Affected users are encouraged to test the fix and report feedback.
Comment 5 Jonathan Clark 2024-06-27 13:06:55 UTC
Hello Theppitak Karoonboonyanan,

I believe the outstanding work for this bug has been completed. If you agree, please mark this bug fixed.

Thanks!
Comment 6 Theppitak Karoonboonyanan 2024-10-08 08:41:27 UTC
(In reply to Jonathan Clark from comment #5)
> I believe the outstanding work for this bug has been completed. If you
> agree, please mark this bug fixed.

Yes. Thanks for the reminder! I'm closing it.
Comment 7 Shantanu 2024-10-09 04:53:24 UTC
There are certain words in the Marathi language where multiple autocorrect rules can be applied. The patch is functioning exceptionally well. Thank you for this outstanding contribution.
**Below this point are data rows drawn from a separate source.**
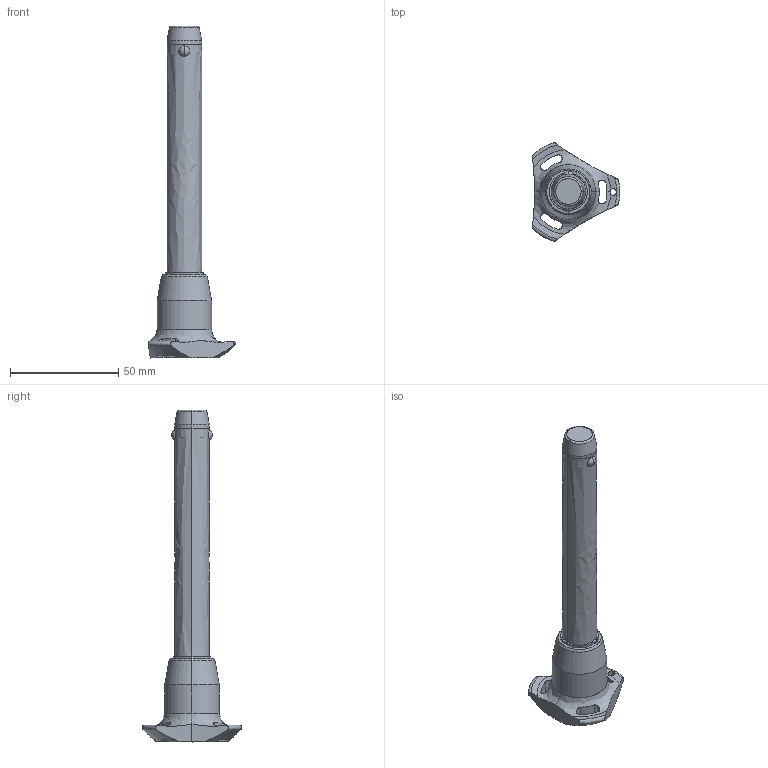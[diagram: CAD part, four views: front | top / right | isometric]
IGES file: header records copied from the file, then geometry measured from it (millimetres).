
Start section: SolidWorks IGES file using analytic representation for surfaces
Global section: file name: C:\Users\ianosborn\Desktop\QR1716_v2\QR1716_v2_20251114_IGES\QR1716.M16-100-T.igs; native system: SolidWorks 2019; preprocessor: SolidWorks 2019; author: IanOsborn; date: 251113.104102; units: millimetre
Bounding box: 40.5 x 45.88 x 153.7 mm (x, y, z)
Surface area: 11619.5 mm2 (no closed solid volume)
Topology: 0 solids, 0 shells, 68 faces, 1402 edges, 1398 vertices
Faces by surface type: revolution 52, bspline 16

Version: 25.2.0.0.alpha0+ (X86_64) / LibreOffice Community
Build ID: 0fb23379e63071ec155cb6683c19212859e399b5
CPU threads: 1; OS: Windows 10 X86_64 (10.0 build 14393); UI render: Skia/Raster; VCL: win
Locale: en-US (en_US); UI: en-US
Calc: threaded
Comment 8 Theppitak Karoonboonyanan 2024-10-10 16:09:49 UTC
(In reply to Shantanu from comment #7)
> There are certain words in the Marathi language where multiple autocorrect
> rules can be applied. The patch is functioning exceptionally well. Thank you
> for this outstanding contribution.

Thank you for the feedback. I'm pleased to learn that.
Comment 9 Shantanu 2024-10-25 03:59:52 UTC
For users of an older version of LibreOffice who wish to apply more than one autocorrect rule, simply use Tools - Autocorrect - Apply two or three times consecutively. Most users apply autocorrect only once, as they are likely unaware of this issue. 
However, while typing, only a single rule will be applied because, as noted in the initial post, "The current implementation stops immediately when the first pattern is matched." I appreciate this important enhancement to the autocorrect functionality.